AKF-PD suppressed mitochondrial oxidative stress in the IRI model. (a) The expression of 4HNE in renal tissue from the indicated mice was determined by immunohistochemistry, ×200 (n = 4). (b) The expression of TRX2 and SOD2 in renal tissue from the indicated mouse group was measured by real-time PCR (n = 4). (c, d) The expression of NOX4, SIRT3, and SOD2 in renal tissue from the indicated mice was measured by western blot (n = 4). ^∗P < 0.05 and ^∗∗P < 0.01 IRI group vs. control group; ^#P < 0.05 and ^##P < 0.01 IRI+AKF-PD group vs. IRI group.
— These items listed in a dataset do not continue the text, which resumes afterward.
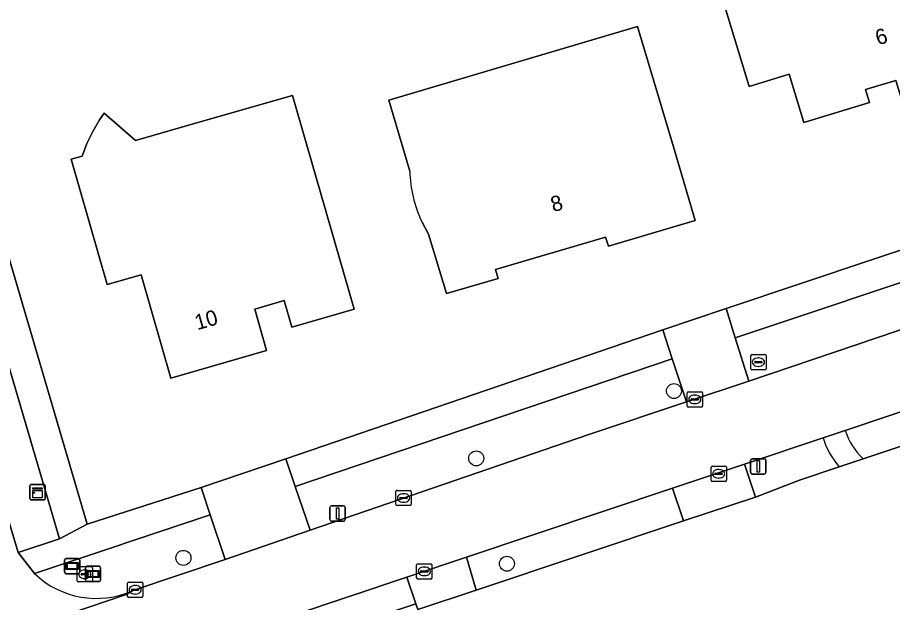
# Model space of a CAD drawing. Extents: x 162417 to 163722, y 384268 to 385417.
# Drawn here: x 163329 to 163386, y 384597 to 384635.2 of the extents above; entities that cross this region are included whole.
import ezdxf

# ---------------------------------------------------------------- set-up
doc = ezdxf.new("R2010")
doc.units = 0
for name, color, linetype in [('IMGEO_Berm_groen', 7, 'Continuous'), ('IMGEO_Boom', 7, 'Continuous'), ('IMGEO_Brandkraan', 7, 'Continuous'), ('IMGEO_Erf', 7, 'Continuous'), ('IMGEO_Groenvoorziening', 7, 'Continuous'), ('IMGEO_Kast', 7, 'Continuous'), ('IMGEO_Kolk', 7, 'Continuous'), ('IMGEO_Lichtmast', 7, 'Continuous'), ('IMGEO_Pand', 7, 'Continuous'), ('IMGEO_Pand_nummerreeks', 7, 'Continuous'), ('IMGEO_Rijbaan_lokaal_open', 7, 'Continuous'), ('IMGEO_Straatnaambord', 7, 'Continuous'), ('IMGEO_Verklikker', 7, 'Continuous'), ('IMGEO_Voetpad_open', 7, 'Continuous')]:
    doc.layers.add(name, color=color, linetype=linetype)

msp = doc.modelspace()

# ---------------------------------------------------------------- linework, layer by layer
at = {"layer": 'IMGEO_Berm_groen'}
for points in [[(163325.769, 384621.2), (163325.485, 384622.16), (163324.587, 384625.199), (163321.795, 384624.338), (163322.7, 384621.313), (163322.986, 384620.355), (163329.005, 384600.235), (163331.704, 384601.119)], [(163390.546, 384616.112), (163391.36, 384616.408), (163390.37, 384619.126), (163375.772, 384614.24), (163376.658, 384611.416)], [(163366.232, 384607.936), (163372.594, 384610.058), (163371.669, 384612.881), (163347.078, 384604.539), (163348.039, 384601.682)]]:
    msp.add_lwpolyline(points, close=True, dxfattribs=at)
for points in [[(163341.529, 384602.689), (163330.054, 384598.864)], [(163336.48, 384597.749), (163342.508, 384599.781), (163341.529, 384602.689)]]:
    msp.add_lwpolyline(points, dxfattribs=at)
msp.add_arc((163334.088, 384603.04), 5.807, 225.9892, 294.3236, dxfattribs=at)
at = {"layer": 'IMGEO_Boom'}
for centre in [(163371.785, 384610.77), (163358.881, 384606.376), (163339.782, 384599.881), (163360.886, 384599.501)]:
    msp.add_circle(centre, 0.489, dxfattribs=at)
at = {"layer": 'IMGEO_Brandkraan'}
for p, q in [((163376.793, 384612.228), (163376.793, 384613.08)), ((163376.868, 384613.154), (163377.72, 384613.154)), ((163377.794, 384613.08), (163377.794, 384612.228)), ((163377.052, 384612.648), (163377.052, 384612.66)), ((163377.49, 384612.611), (163377.092, 384612.611)), ((163377.095, 384612.697), (163377.493, 384612.697)), ((163377.281, 384612.934), (163377.306, 384612.934)), ((163377.536, 384612.66), (163377.536, 384612.648)), ((163377.72, 384612.154), (163376.868, 384612.154)), ((163377.304, 384612.374), (163377.279, 384612.374)), ((163332.846, 384598.385), (163332.846, 384599.237)), ((163332.921, 384599.311), (163333.773, 384599.311)), ((163333.105, 384598.805), (163333.105, 384598.817)), ((163333.543, 384598.768), (163333.145, 384598.768)), ((163333.148, 384598.854), (163333.546, 384598.854)), ((163333.334, 384599.091), (163333.359, 384599.091)), ((163333.589, 384598.817), (163333.589, 384598.805)), ((163333.847, 384599.237), (163333.847, 384598.385)), ((163333.773, 384598.311), (163332.921, 384598.311)), ((163333.357, 384598.531), (163333.332, 384598.531))]:
    msp.add_line(p, q, dxfattribs=at)
for points in [[(163376.793, 384612.228), (163376.793, 384613.08)], [(163376.868, 384613.154), (163377.72, 384613.154)], [(163377.794, 384613.08), (163377.794, 384612.228)], [(163377.72, 384612.154), (163376.868, 384612.154)], [(163332.846, 384598.385), (163332.846, 384599.237)], [(163332.921, 384599.311), (163333.773, 384599.311)], [(163333.847, 384599.237), (163333.847, 384598.385)], [(163333.773, 384598.311), (163332.921, 384598.311)]]:
    msp.add_lwpolyline(points, dxfattribs=at)
for centre, radius, start, end in [((163376.87, 384613.078), 0.0765, 91.552, 178.448), ((163376.87, 384613.078), 0.0765, 91.552, 178.448), ((163377.718, 384613.078), 0.0765, 1.552, 88.448), ((163377.718, 384613.078), 0.0765, 1.552, 88.448), ((163377.092, 384612.657), 0.0403, 85.8775, 175.7526), ((163377.089, 384612.647), 0.0366, 178.938, 274.7102), ((163377.493, 384612.654), 0.043, 264.8664, 352.4533), ((163377.497, 384612.659), 0.0386, 1.7309, 96.639), ((163376.87, 384612.23), 0.0765, 181.552, 268.448), ((163376.87, 384612.23), 0.0765, 181.552, 268.448), ((163377.718, 384612.23), 0.0765, 271.552, 358.448), ((163377.718, 384612.23), 0.0765, 271.552, 358.448), ((163332.923, 384599.235), 0.0765, 91.552, 178.448), ((163332.923, 384599.235), 0.0765, 91.552, 178.448), ((163333.145, 384598.814), 0.0403, 85.8775, 175.7526), ((163333.142, 384598.804), 0.0366, 178.938, 274.7102), ((163333.546, 384598.811), 0.043, 264.8664, 352.4533), ((163333.55, 384598.816), 0.0386, 1.7309, 96.639), ((163333.771, 384599.235), 0.0765, 1.552, 88.448), ((163333.771, 384599.235), 0.0765, 1.552, 88.448), ((163332.923, 384598.387), 0.0765, 181.552, 268.448), ((163332.923, 384598.387), 0.0765, 181.552, 268.448), ((163333.771, 384598.387), 0.0765, 271.552, 358.448), ((163333.771, 384598.387), 0.0765, 271.552, 358.448)]:
    msp.add_arc(centre, radius, start, end, dxfattribs=at)
for centre, major_axis, ratio, start_param, end_param in [((163377.28, 384612.654), (-0.387, 0.002), 0.722429, 4.712389, 7.853982), ((163377.305, 384612.654), (-0.39, 0.002), 0.717154, 1.570796, 4.712389), ((163333.333, 384598.811), (-0.387, 0.002), 0.722429, 4.712389, 7.853982), ((163333.358, 384598.811), (-0.39, 0.002), 0.717154, 1.570796, 4.712389)]:
    msp.add_ellipse(centre, major_axis=major_axis, ratio=ratio, start_param=start_param, end_param=end_param, dxfattribs=at)
at = {"layer": 'IMGEO_Erf'}
for points in [[(163310.09, 384681.76), (163333.508, 384602.071), (163340.928, 384604.472), (163346.471, 384606.34), (163371.048, 384614.758), (163375.186, 384616.159), (163389.679, 384621.017), (163394.532, 384622.596), (163398.708, 384624.299), (163402.801, 384626.194), (163403.314, 384626.415), (163406.716, 384627.995)], [(163354.543, 384625.127), (163353.186, 384629.758), (163369.415, 384634.561), (163371.747, 384626.703)], [(163371.747, 384626.703), (163373.169, 384621.909), (163367.504, 384620.235), (163367.319, 384620.817), (163360.137, 384618.695), (163360.316, 384618.12), (163356.948, 384617.133), (163355.771, 384621.007), (163355.324, 384621.829)], [(163419.582, 384621.874), (163409.408, 384616.22), (163410.03, 384614.861), (163400.639, 384612.147), (163394.917, 384609.966), (163384.126, 384606.347), (163382.571, 384605.826), (163379.98, 384604.957), (163377.103, 384603.845), (163372.405, 384602.287), (163358.873, 384597.777), (163355.069, 384596.509), (163354.943, 384596.875), (163344.075, 384593.215), (163344.183, 384592.925), (163342.307, 384592.282)]]:
    msp.add_lwpolyline(points, dxfattribs=at)
for points in [[(163392.516, 384640.667), (163393.965, 384635.882), (163391.345, 384635.089), (163393.445, 384628.155), (163387.663, 384626.41), (163386.518, 384630.192), (163386.261, 384631.043), (163384.28, 384630.444), (163384.538, 384629.593), (163380.261, 384628.298), (163379.31, 384631.443), (163376.692, 384630.651), (163375.243, 384635.437), (163374.953, 384636.394), (163377.573, 384637.187), (163376.623, 384640.332), (163382.891, 384642.229), (163381.746, 384646.012), (163380.405, 384650.271), (163388.837, 384652.823)], [(163350.916, 384616.107), (163346.854, 384614.936), (163346.352, 384616.675), (163344.429, 384616.12), (163345.208, 384613.419), (163338.963, 384611.616), (163337.021, 384618.356), (163334.807, 384617.718), (163332.449, 384625.902), (163333.165, 384626.108), (163333.478, 384626.928), (163333.86, 384627.718), (163334.308, 384628.472), (163334.611, 384628.896), (163336.658, 384627.116), (163341.022, 384628.374), (163346.891, 384630.066)]]:
    msp.add_lwpolyline(points, close=True, dxfattribs=at)
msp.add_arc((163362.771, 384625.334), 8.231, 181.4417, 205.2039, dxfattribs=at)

Data were analyzed by one-way ANOVA. AKF-PD: fluorofenidone; 4HNE: 4-hydroxynonenal; TRX2: thioredoxin 2; SOD2: superoxide dismutase 2; NOX4: NADPH oxidase 4; SIRT3: sirtuin 3.

Figure 8

AKF-PD reduced mitochondrial damage and mitochondrial oxidative stress in HK-2 cells. (a) The expression of E-cadherin and α-SMA in HK-2 cells was measured by western blot (n = 3). (b) Mitochondrial morphology of HK-2 cells was examined by transmission electron microscopy. (c) ATP levels of HK-2 cells were measured by the ATP assay kit (n = 3). (d) MitoSOX Deep Red fluorescence was used to detect mitochondrial ROS of HK-2 cells by flow cytometry analysis (n = 3). (e, f) The expression of SIRT3, SOD2, and NOX4 in HK-2 cells was measured by western blot (n = 3). ^∗P < 0.05 and ^∗∗P < 0.01 TGF-β group vs. normal group; ^#P < 0.05 and ^##P < 0.01 AKF-PD group vs. TGF-β group. Data were analyzed by one-way ANOVA. AKF-PD: fluorofenidone; N: normal group; TGF-β: transforming growth factor-β; α-SMA: alpha smooth muscle actin; SOD2: superoxide dismutase 2; NOX4: NADPH oxidase 4; SIRT3: sirtuin 3.